- Genre: Horror
- Based on: Story by Clive Barker
- Screenplay by: Doris Egan Hans Rodionoff
- Directed by: Joshua Butler
- Starring: Greg Serano Gina Ravera Mary Mara Rebecca Harrell William B. Davis Antonio Cupo
- Theme music composer: Christopher Lennertz
- Countries of origin: United States Canada
- Original language: English

Production
- Producer: Oscar L. Costo
- Cinematography: Barry Donlevy
- Editor: Sean Albertson
- Running time: 90 min.
- Production company: Seraphim Films

Original release
- Network: Sci Fi Channel
- Release: October 26, 2002

= Saint Sinner (film) =

2002 American television film

Saint Sinner (full title Clive Barker Presents Saint Sinner) is a 2002 horror television film written by Doris Egan and Hans Rodionoff based on a short story by executive producer Clive Barker. It was directed by Joshua Butler. Aside from the title, it is unrelated to the comic-book series published by Marvel Comics' Razorline imprint and created by Barker. In this film, an immortal monk hunts down two succubi. It premiered on the U.S. Sci Fi Channel on October 26, 2002.

==Plot==
In 1815 California, Father Michael, an emissary of Pope Pius VII, has traveled to meet with novice monk Brother Tomas. The young monk's order serves as the secret repository for evil, supernatural objects collected by the Church, and kept there for safekeeping. Michael delivers an ancient statue that has trapped two beautiful female demons, Munkar and Nakir. Tomas and his friend Brother Gregory inadvertently release the murderous demons, who travel to the 21st century using the monastery's Wheel of Time.

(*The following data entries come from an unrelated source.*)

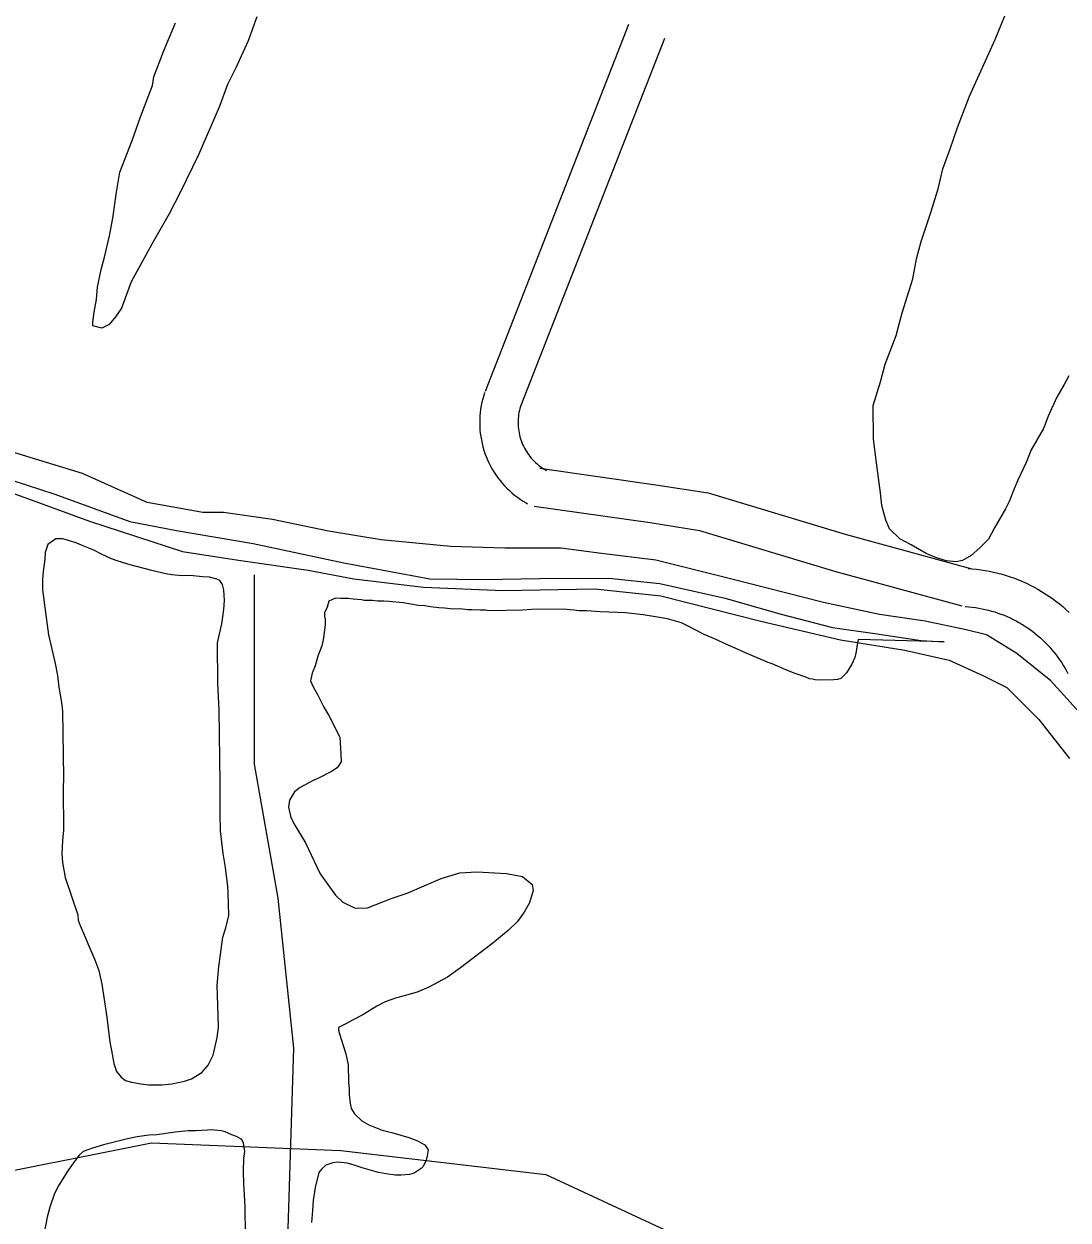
# Model space of a CAD drawing. Extents: x 3250478 to 3288318, y 788638 to 816472.
# Drawn here: x 3256216 to 3257033, y 794782 to 795718 of the extents above; entities that cross this region are included whole.
import ezdxf

# ---------------------------------------------------------------- set-up
doc = ezdxf.new("R2010")
doc.units = 0
for name, color, linetype in [('V-ROAD-CNTR', 7, 'Continuous'), ('V-SITE-VEGE', 7, 'Continuous'), ('V-TOPO-SHOR', 7, 'Continuous')]:
    doc.layers.add(name, color=color, linetype=linetype)

msp = doc.modelspace()

# ---------------------------------------------------------------- linework, layer by layer
at = {"layer": 'V-ROAD-CNTR'}
for points in [[(3256689.1, 795717.48), (3256576.7, 795430.28)], [(3256717.04, 795706.54), (3256604.64, 795419.35)], [(3256576.4, 795429.42), (3256575.65, 795427.11), (3256574.92, 795424.51), (3256574.28, 795421.88), (3256573.74, 795419.22), (3256573.29, 795416.55), (3256572.95, 795413.86), (3256572.71, 795411.16), (3256572.57, 795408.46), (3256572.53, 795405.75), (3256572.59, 795403.05), (3256572.75, 795400.35), (3256573.01, 795397.65), (3256573.38, 795394.96), (3256573.84, 795392.3), (3256574.4, 795389.64), (3256575.06, 795387.02), (3256575.81, 795384.42), (3256576.66, 795381.85), (3256577.61, 795379.31), (3256578.65, 795376.81), (3256579.79, 795374.35), (3256581.01, 795371.94), (3256582.32, 795369.57), (3256583.72, 795367.25), (3256585.21, 795364.98), (3256586.78, 795362.78), (3256588.43, 795360.63), (3256590.15, 795358.55), (3256591.96, 795356.53), (3256593.84, 795354.57), (3256595.79, 795352.69), (3256597.8, 795350.89), (3256599.89, 795349.16), (3256602.04, 795347.51), (3256604.24, 795345.94), (3256606.51, 795344.45), (3256608.77, 795343.09), (3256609.98, 795342.4)], [(3256604.95, 795420.2), (3256604.37, 795418.42), (3256603.94, 795416.89), (3256603.56, 795415.34), (3256603.24, 795413.78), (3256602.98, 795412.21), (3256602.78, 795410.63), (3256602.64, 795409.05), (3256602.56, 795407.46), (3256602.54, 795405.87), (3256602.57, 795404.28), (3256602.67, 795402.68), (3256602.82, 795401.1), (3256603.03, 795399.53), (3256603.3, 795397.96), (3256603.63, 795396.4), (3256604.02, 795394.86), (3256604.46, 795393.33), (3256604.97, 795391.82), (3256605.52, 795390.33), (3256606.13, 795388.86), (3256606.8, 795387.41), (3256607.52, 795385.99), (3256608.29, 795384.6), (3256609.11, 795383.24), (3256609.99, 795381.9), (3256610.91, 795380.61), (3256611.88, 795379.35), (3256612.89, 795378.12), (3256613.95, 795376.93), (3256615.06, 795375.79), (3256616.2, 795374.68), (3256617.39, 795373.62), (3256618.61, 795372.6), (3256619.88, 795371.64), (3256621.17, 795370.71), (3256622.5, 795369.84), (3256623.92, 795368.98), (3256624.75, 795368.51)], [(3256619.49, 795370.31), (3256710.43, 795357.27), (3256751.27, 795350.84), (3256858.48, 795318.54), (3256957.68, 795291.32)], [(3256615.24, 795340.61), (3256705.97, 795327.61), (3256744.58, 795321.53), (3256850.18, 795289.7), (3256949.74, 795262.39)], [(3256954.84, 795291.81), (3256958.02, 795291.57), (3256961.39, 795291.22), (3256964.75, 795290.79), (3256968.09, 795290.26), (3256971.43, 795289.65), (3256974.74, 795288.94), (3256978.04, 795288.15), (3256981.31, 795287.27), (3256984.56, 795286.3), (3256987.78, 795285.25), (3256990.97, 795284.11), (3256994.13, 795282.88), (3256997.25, 795281.57), (3257000.34, 795280.18), (3257003.39, 795278.7), (3257006.4, 795277.15), (3257009.37, 795275.51), (3257012.29, 795273.8), (3257015.17, 795272), (3257018, 795270.13), (3257020.77, 795268.19), (3257023.49, 795266.17), (3257026.16, 795264.08), (3257028.77, 795261.92), (3257031.32, 795259.69), (3257033.81, 795257.39)], [(3256952.58, 795261.9), (3256955.35, 795261.69), (3256957.93, 795261.42), (3256960.49, 795261.09), (3256963.05, 795260.69), (3256965.59, 795260.22), (3256968.11, 795259.68), (3256970.63, 795259.08), (3256973.13, 795258.4), (3256975.6, 795257.67), (3256978.06, 795256.86), (3256980.49, 795255.99), (3256982.9, 795255.06), (3256985.29, 795254.06), (3256987.64, 795253), (3256989.97, 795251.87), (3256992.27, 795250.68), (3256994.53, 795249.43), (3256996.76, 795248.13), (3256998.96, 795246.76), (3257001.11, 795245.33), (3257003.23, 795243.85), (3257005.3, 795242.31), (3257007.34, 795240.71), (3257009.33, 795239.07), (3257011.28, 795237.37), (3257013.18, 795235.61), (3257015.03, 795233.81), (3257016.84, 795231.96), (3257018.59, 795230.06), (3257020.29, 795228.11), (3257021.94, 795226.12), (3257023.54, 795224.09), (3257025.08, 795222.01), (3257026.56, 795219.9), (3257027.99, 795217.74), (3257029.36, 795215.55), (3257030.67, 795213.32), (3257031.94, 795211.02), (3257032.67, 795209.63)]]:
    msp.add_lwpolyline(points, dxfattribs=at)
at = {"layer": 'V-SITE-VEGE'}
for p, q in [((3256163.74, 795374.62), (3256240.15, 795349.85)), ((3256240.15, 795349.85), (3256298.65, 795328.52)), ((3256298.65, 795328.52), (3256335.31, 795321.33)), ((3256335.31, 795321.33), (3256395.33, 795311.26)), ((3256234.63, 795310.49), (3256232.54, 795304.26)), ((3256240.79, 795314.88), (3256234.63, 795310.49)), ((3256246.19, 795314.94), (3256240.79, 795314.88)), ((3256250.8, 795313.65), (3256246.19, 795314.94)), ((3256257.3, 795311.56), (3256250.8, 795313.65)), ((3256262.73, 795309.19), (3256257.3, 795311.56)), ((3256395.33, 795311.26), (3256466.18, 795296.03)), ((3256232.54, 795304.26), (3256232.33, 795299.12)), ((3256270.6, 795306.05), (3256262.73, 795309.19)), ((3256276.57, 795302.87), (3256270.6, 795306.05)), ((3256284.45, 795299.19), (3256276.57, 795302.87)), ((3256232.33, 795299.12), (3256230.83, 795289.38)), ((3256289.6, 795297.36), (3256284.45, 795299.19)), ((3256299.08, 795294.49), (3256289.6, 795297.36)), ((3256315.87, 795290.1), (3256299.08, 795294.49)), ((3256466.18, 795296.03), (3256533.51, 795283.73)), ((3256230.83, 795289.38), (3256230.36, 795282.9)), ((3256230.36, 795282.9), (3256230.45, 795275.07)), ((3256319.12, 795289.33), (3256315.87, 795290.1)), ((3256326.98, 795287.53), (3256319.12, 795289.33)), ((3256331.58, 795286.77), (3256326.98, 795287.53)), ((3256339.68, 795286.05), (3256331.58, 795286.77)), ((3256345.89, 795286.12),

As his brother lies dying, he is given a chance to redeem himself by going through the Wheel of Time with a sacred dagger previously used by Saint Nicodemus to imprison the succubi. Tomas reluctantly intends to track down the evil creatures and destroy them. The young monk takes on the task, traveling through the Wheel only to discover a future world he does not understand in present-day Seattle, Washington, where he allies with police detective Rachel Dressler to recapture the homicidal terrors.

While the creatures seek to satisfy their centuries-long hunger, Tomas discovers their first victim. The police arrive on the murder scene and take Tomas into custody, believing he may be involved. Detective Rachel Dressler (Ravera) isn't about to believe Tomas' weird story, but strange things start to happen and bodies begin to pile up. Both Tomas and Rachel soon discover that the only way to stop these horrifying demons will be to take a leap of faith.

==Cast==
- Greg Serano as Brother Tomas
- Gina Ravera as Detective Rachel Dressler
- Mary Mara	as Munkar
- Rebecca Harrell as Nakir
- William B. Davis as Father Michael
- Antonio Cupo as Brother Gregory
- Jay Brazeau as Abbot
- Simon Wong as Wade
- Boyan Vukelic as Playland Guard
- Brian Drummond as Officer #1
- Peter Bryant as Officer #2
- Lisa Dahling as Officer #3
- Kris Pope as Brother Rafael
- Robin Mossley as Clark
- Donna Yamamoto as Irate Mother
- Justine Wong as Little Girl
- David Thomson as Vince

==In other media==
The telefilm's title originated with the Barker-created 1993 comic book Saint Sinner from Marvel Comics' Razorline imprint. In Barker's words: "I was always disappointed with the way that Marvel handled that entire line of comics, particularly Saint Sinner. I thought that's a waste of a good title. It was something that called for finding a new life in some way or another".